Bockstein braiding statistics

Abstract

Braiding statistics, familiar from anyons in fractional quantum Hall systems, are a central manifestation of topology in quantum physics. Ordinary braiding extends naturally to higher-dimensional excitations: a p-dimensional excitation and a q-dimensional excitation can braid in d=p+q+2 spatial dimensions. In this work, we identify a new type of mutual statistics that exists in one lower spatial dimension, d=p+q+1. This includes particle-particle statistics in one dimension, particle-loop statistics in two dimensions, and loop-loop or particle-membrane statistics in three dimensions.
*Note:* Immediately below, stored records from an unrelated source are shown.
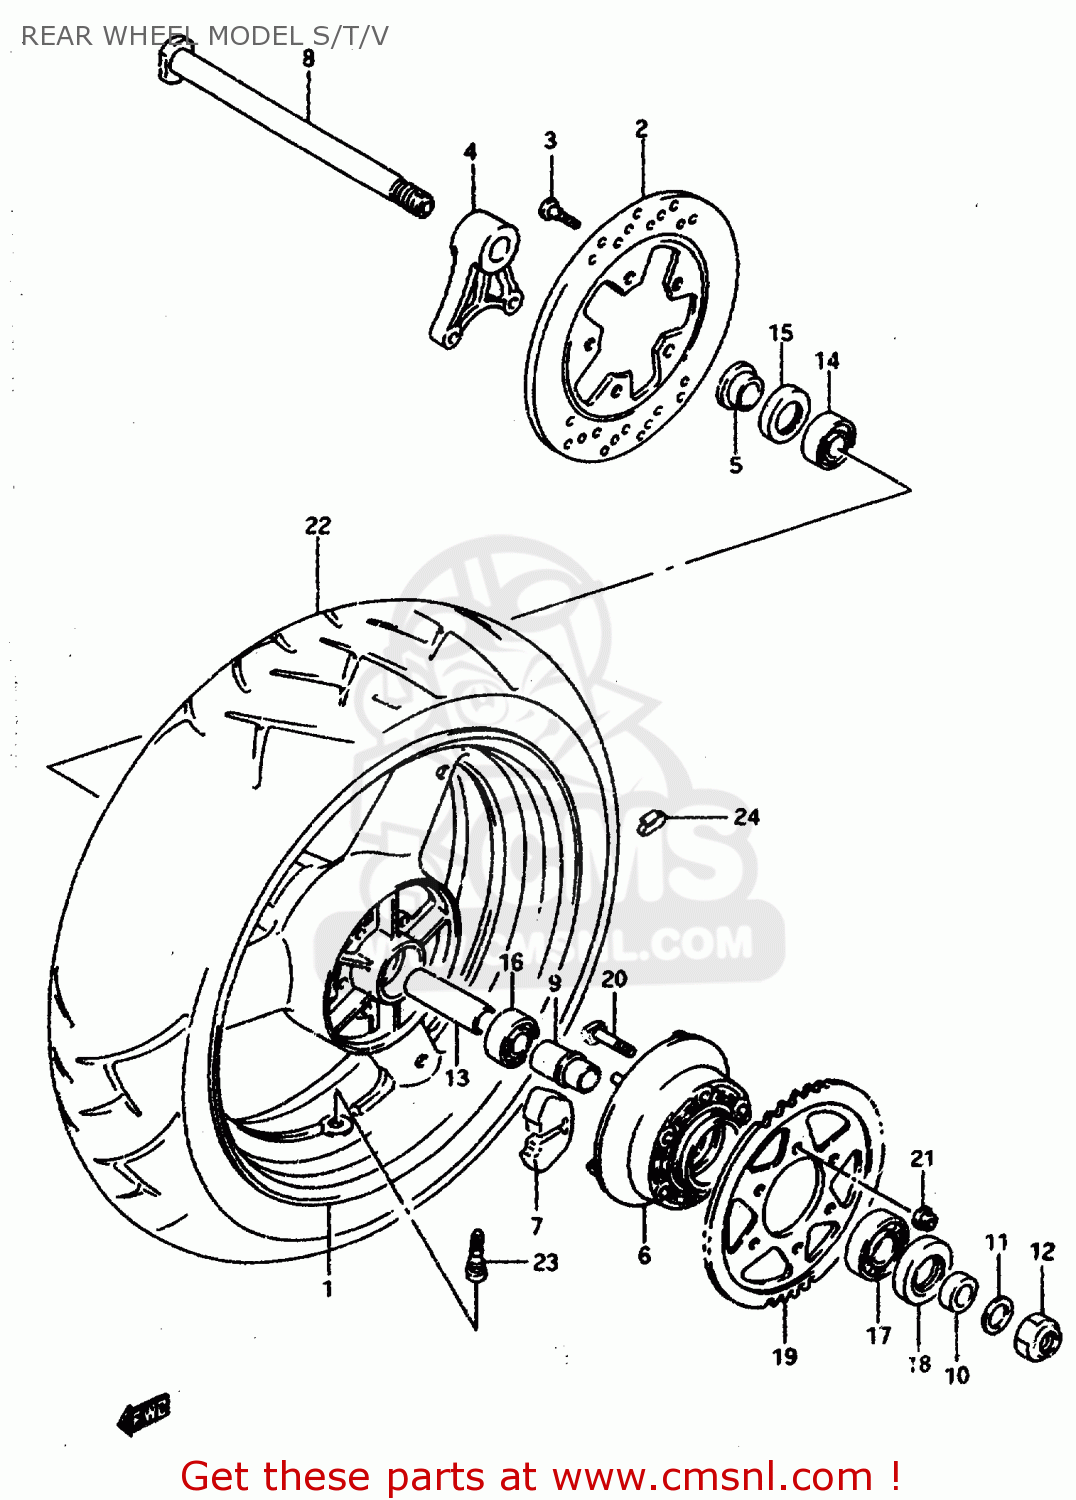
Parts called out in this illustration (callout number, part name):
1	WHEEL,REAR
2	DISC,RR BRAKE
3	BOLT 8X33
4	BRACKET,RR CALIPER
5	SPACER,RR AXLE,R
6	DRUM,RR SPROCKET
7	ABSORBER,RR HUB SHOCK
8	AXLE,RR
9	RETAINER,RR HUB BEARING
10	SPACER,RR AXLE,L
11	WASHER (18.2X28X2.6)
12	NUT
13	SPACER,RR WHEEL HUB BEARING
14	BEARING(20X47X14)
15	SEAL,OIL(28X47X7)
16	BEARING(20X47X14)
17	BEARING(25X62X17)
18	SEAL,OIL(35X62X8)
19	SPROCKET,RR(NT:44-532)
20	BOLT
21	NUT
22	TIRE,REAR 180/55 ZR17
23	VALVE ASSEMBLY,WHEEL,TR412
24	BALANCER,WHEEL (10G)
26	VALVE ASSEMBLY,WHEEL,TR412
27	BALANCER,WHEEL

The corresponding field-theory response is governed by the Bockstein homomorphism, so we call the invariant Bockstein braiding statistics. On lattices, the Bockstein statistics is measured by the Berry phase accumulated in a universal microscopic unitary process built from local excitation operators. We further show that nontrivial Bockstein braiding is the statistical manifestation of a mixed anomaly of the corresponding symmetries. This anomaly rules out a fully symmetric gapped phase, obstructs simultaneous condensation of the two excitations, and implies fractionalization of higher-form symmetries. We illustrate these consequences in a (1+1)-dimensional spin-12 chain, where Bockstein braiding statistics detects the mixed anomaly between Πi Xi and Πi CZi,i+1, and in strongly coupled (3+1)-dimensional continuum gauge theories.